IGFBP-2 is the main IGF-binding protein associated with regulating body weight and homeostasis and protects against obesity and insulin resistance [10, 31,32,33]. Obesity-related hyperinsulinaemia increases IGF-1 and inhibits IGFBP-2 secretion [34]. In our study, IGFBP-2 was increased, while insulin level, HOMA-IR index and BMI were reduced 6–12 months after gastric sleeve surgery. IGFBP-2 concentration has been associated with improvements in insulin sensitivity, BMI and lipid profile in obesity-related studies. A recent 20-year longitudinal study of ageing has shown that IGFBP-2 level increases with age, positively correlates with insulin sensitivity, and negatively correlates with BMI at baseline and follow-up [34]. In obese children, circulating levels of IGFBP-2 correlate negatively with body mass and positively with insulin sensitivity [35]. A recent animal study has shown that metformin upregulates IGFBP-2 production through activation of the AMPK-Sirt1-PPARα signalling pathway [36]. Metformin-treated diabetic patients have higher IGFBP-2 levels and lower serum IGF1 levels than untreated patients [36]. This highlights IGFBP-2 as a novel target for metformin action and AMPK-Sirt1-PPARα as a novel pathway to control metabolic syndrome. IGFBP-2 was shown to be increased after biliopancreatic diversion in obese patients and was associated with improved glucose and lipid levels that were sustained even after one year of follow-up [37]. IGFBP-2 has also been shown to be regulated by leptin and may mediate some of leptin’s antidiabetic effects [38]. Early increased levels of IGFBP-2 were noticed after gastric bypass but normalized shortly after [38]. It was recently reported that higher basal levels of IGFBP-2 were associated with lower risk of metabolic syndrome and type 2 diabetes and its levels increased after bariatric surgery [39]. In the current study, the role of IGFBP-2 is suggested to potentially mediate some of the beneficial effects of the sleeve gastrectomy in a healthy male population.

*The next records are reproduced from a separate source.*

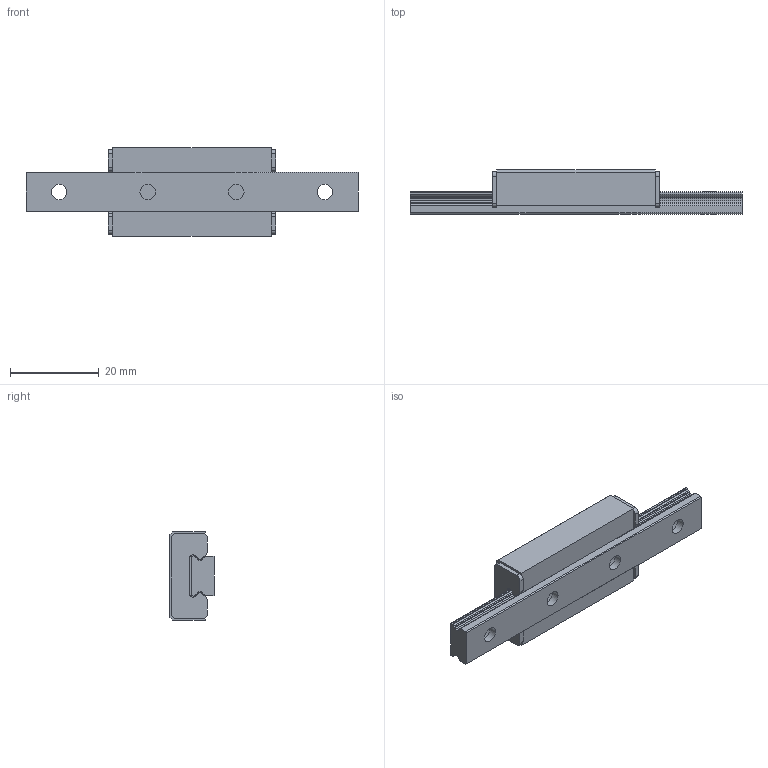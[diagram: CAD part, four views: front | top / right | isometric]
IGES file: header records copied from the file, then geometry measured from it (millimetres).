
Start section: Data from Parasolid IGES Translator 26.0.171, Copyright(c) 2006 Siemens PLM Software. All Rights Reserved.
Global section: file name: EPF9M21-75LM_G7-5_0_18-6_1.igs; native system: By Siemens PLM Incorporated; preprocessor: XPlus GENERIC/IGES 26.0.171; author: Noname; organization: Noname; date: 20240521.041246; units: millimetre
Bounding box: 75 x 10 x 20 mm (x, y, z)
Surface area: 5308.3 mm2 (no closed solid volume)
Topology: 0 solids, 0 shells, 156 faces, 884 edges, 872 vertices
Faces by surface type: revolution 78, extrusion 78

Our study subjects were a small number of homogenous males without medical complications. Future studies should be conducted in a larger sample including women and control lean subjects undergoing non-bariatric laparoscopic surgery for comparison.
Conclusions
In conclusion, our study suggests that GH and IGFBP-2 levels may be an endocrine response that may in part mediate the beneficial effects of sleeve gastrectomy by improving insulin sensitivity and reducing insulin demand.
Availability of data and materials
The data used and analysed during the current study are available from the corresponding author on reasonable request.
References
Blüher M. Obesity: global epidemiology and pathogenesis. Nat Rev Endocrinol. 2019;15:288–98.
Møller N, Jørgensen JO. Effects of growth hormone on glucose, lipid, and protein metabolism in human subjects. Endocr Rev. 2009;30(2):152–77.
Lichanska AM, Waters MJ. How growth hormone controls growth, obesity and sexual dimorphism. Trends Genet. 2008;24:41–7.
Rasmussen MH. Obesity, growth hormone and weight loss. Mol Cell Endocrinol. 2010;316:147–53.
Lewitt MS. The role of the growth hormone/insulin-like growth factor system in visceral adiposity. Biochem Insights. 2017;10:1–10.
Firth SM, Baxter RC. Cellular actions of the insulin-like growth factor binding proteins. Endocr Rev. 2002;23:824–54.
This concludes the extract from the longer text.